(Directions)
Every line of the entries below that carries the string "circle" should be copied.

(Records for the exercise)

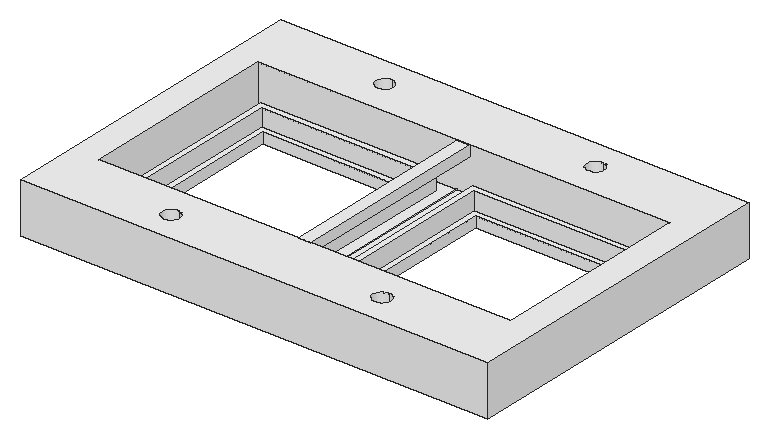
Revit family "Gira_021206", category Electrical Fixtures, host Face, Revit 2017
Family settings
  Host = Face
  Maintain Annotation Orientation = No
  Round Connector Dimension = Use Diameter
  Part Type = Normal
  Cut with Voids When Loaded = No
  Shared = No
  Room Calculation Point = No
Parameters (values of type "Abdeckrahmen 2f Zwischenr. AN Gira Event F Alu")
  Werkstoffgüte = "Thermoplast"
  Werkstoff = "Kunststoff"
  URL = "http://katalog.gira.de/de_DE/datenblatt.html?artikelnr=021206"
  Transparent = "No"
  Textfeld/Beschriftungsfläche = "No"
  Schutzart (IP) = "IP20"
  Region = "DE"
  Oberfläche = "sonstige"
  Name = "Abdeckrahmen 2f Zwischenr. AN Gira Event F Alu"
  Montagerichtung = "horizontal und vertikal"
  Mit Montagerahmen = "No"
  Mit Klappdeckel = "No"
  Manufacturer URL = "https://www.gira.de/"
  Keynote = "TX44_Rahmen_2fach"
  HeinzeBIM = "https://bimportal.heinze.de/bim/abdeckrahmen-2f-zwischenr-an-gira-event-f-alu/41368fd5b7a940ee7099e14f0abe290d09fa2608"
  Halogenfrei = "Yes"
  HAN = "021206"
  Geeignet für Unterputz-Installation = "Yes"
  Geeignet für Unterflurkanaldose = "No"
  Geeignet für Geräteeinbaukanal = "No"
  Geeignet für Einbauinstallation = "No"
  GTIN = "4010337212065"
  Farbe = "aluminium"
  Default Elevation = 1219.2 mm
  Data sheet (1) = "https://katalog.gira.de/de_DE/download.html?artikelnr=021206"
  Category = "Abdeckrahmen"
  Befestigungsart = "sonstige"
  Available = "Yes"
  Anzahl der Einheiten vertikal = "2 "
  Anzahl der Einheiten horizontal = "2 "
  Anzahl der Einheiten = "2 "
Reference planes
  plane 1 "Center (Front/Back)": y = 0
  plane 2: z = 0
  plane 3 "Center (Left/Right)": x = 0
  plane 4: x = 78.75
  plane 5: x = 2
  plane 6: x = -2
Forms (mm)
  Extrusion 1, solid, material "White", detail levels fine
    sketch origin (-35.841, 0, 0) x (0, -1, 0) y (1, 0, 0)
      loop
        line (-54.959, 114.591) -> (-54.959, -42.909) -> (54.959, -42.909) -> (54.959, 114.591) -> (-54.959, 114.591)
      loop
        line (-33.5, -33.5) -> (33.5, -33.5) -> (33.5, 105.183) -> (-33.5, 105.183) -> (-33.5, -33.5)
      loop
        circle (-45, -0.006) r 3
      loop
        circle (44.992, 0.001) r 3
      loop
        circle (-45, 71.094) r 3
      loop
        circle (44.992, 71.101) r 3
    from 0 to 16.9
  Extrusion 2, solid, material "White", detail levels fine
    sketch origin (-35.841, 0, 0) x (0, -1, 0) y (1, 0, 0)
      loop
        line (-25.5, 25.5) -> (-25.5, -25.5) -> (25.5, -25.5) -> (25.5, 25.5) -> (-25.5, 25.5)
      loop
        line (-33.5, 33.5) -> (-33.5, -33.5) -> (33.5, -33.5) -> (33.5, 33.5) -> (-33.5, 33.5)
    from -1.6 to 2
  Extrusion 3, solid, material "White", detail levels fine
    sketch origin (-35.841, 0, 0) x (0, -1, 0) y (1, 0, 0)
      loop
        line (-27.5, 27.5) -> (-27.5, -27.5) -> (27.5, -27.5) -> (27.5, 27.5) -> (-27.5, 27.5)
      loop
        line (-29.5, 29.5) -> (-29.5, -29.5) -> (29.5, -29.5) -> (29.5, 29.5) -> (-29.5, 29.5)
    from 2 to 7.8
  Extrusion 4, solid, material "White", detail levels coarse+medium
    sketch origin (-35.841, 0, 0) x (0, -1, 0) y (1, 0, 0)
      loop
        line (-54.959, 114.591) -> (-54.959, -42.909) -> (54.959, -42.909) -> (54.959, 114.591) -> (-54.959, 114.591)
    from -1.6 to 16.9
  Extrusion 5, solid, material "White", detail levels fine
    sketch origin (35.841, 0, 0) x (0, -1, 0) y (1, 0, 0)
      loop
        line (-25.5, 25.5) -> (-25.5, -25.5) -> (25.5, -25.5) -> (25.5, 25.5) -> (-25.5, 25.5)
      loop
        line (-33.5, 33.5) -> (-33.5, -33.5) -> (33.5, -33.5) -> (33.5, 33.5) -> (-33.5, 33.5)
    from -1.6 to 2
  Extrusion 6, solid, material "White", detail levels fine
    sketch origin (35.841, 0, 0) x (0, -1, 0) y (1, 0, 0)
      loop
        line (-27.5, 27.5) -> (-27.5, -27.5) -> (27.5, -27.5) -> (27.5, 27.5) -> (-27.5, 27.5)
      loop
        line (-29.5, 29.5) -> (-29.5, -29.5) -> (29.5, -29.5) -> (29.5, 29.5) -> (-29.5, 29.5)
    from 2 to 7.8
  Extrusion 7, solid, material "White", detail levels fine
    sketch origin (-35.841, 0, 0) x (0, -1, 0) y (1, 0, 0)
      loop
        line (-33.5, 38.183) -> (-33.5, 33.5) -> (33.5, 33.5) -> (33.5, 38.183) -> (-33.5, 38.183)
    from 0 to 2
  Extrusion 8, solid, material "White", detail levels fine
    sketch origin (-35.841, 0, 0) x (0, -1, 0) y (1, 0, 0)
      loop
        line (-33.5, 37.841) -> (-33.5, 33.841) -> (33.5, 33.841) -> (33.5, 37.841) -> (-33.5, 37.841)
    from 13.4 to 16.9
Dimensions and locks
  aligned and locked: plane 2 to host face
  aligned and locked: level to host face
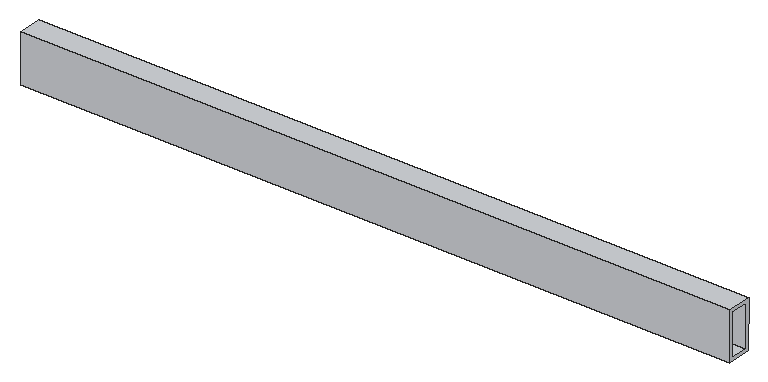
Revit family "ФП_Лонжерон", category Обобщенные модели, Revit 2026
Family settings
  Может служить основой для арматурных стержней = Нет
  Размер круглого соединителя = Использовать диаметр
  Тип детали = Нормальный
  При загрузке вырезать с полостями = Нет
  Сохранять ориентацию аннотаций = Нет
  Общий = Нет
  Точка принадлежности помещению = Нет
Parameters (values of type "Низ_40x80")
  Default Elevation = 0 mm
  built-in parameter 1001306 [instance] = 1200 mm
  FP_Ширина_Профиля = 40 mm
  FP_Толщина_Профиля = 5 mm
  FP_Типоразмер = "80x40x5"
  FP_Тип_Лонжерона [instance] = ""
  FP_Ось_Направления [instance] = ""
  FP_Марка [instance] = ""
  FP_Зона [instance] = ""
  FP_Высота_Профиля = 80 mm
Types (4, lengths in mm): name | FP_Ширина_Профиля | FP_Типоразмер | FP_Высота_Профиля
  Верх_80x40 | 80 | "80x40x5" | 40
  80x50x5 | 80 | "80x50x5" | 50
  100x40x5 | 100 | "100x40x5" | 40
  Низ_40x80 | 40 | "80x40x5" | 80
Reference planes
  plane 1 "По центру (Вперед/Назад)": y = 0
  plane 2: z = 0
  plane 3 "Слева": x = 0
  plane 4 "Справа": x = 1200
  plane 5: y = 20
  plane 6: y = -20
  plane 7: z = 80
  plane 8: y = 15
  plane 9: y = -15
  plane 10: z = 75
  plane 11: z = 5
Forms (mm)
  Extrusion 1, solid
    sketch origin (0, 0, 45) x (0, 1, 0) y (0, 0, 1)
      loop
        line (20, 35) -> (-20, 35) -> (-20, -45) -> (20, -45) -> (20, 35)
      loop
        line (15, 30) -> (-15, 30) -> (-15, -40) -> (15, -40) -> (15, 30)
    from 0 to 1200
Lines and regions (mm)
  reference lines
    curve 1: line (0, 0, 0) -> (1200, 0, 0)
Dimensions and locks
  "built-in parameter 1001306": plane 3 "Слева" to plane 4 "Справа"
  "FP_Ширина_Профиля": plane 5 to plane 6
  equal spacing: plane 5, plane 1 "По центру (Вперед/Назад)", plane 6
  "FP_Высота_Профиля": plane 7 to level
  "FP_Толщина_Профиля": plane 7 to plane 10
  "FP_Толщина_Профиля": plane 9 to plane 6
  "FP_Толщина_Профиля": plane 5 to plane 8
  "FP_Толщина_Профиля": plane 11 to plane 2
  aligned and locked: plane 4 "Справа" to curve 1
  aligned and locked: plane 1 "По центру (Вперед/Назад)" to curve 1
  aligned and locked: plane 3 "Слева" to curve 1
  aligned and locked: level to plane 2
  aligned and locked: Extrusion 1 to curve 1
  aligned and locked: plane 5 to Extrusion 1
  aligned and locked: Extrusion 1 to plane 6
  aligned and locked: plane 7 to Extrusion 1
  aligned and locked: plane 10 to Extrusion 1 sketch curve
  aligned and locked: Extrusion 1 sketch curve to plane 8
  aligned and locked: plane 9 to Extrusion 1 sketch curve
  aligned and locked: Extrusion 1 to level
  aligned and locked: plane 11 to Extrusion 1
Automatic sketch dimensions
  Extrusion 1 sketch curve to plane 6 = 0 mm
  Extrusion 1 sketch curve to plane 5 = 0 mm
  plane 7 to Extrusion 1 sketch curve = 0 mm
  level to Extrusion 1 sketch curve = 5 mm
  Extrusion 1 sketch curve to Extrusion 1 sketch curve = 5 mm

(Result below)
        circle (-45, -0.006) r 3
        circle (44.992, 0.001) r 3
        circle (-45, 71.094) r 3
        circle (44.992, 71.101) r 3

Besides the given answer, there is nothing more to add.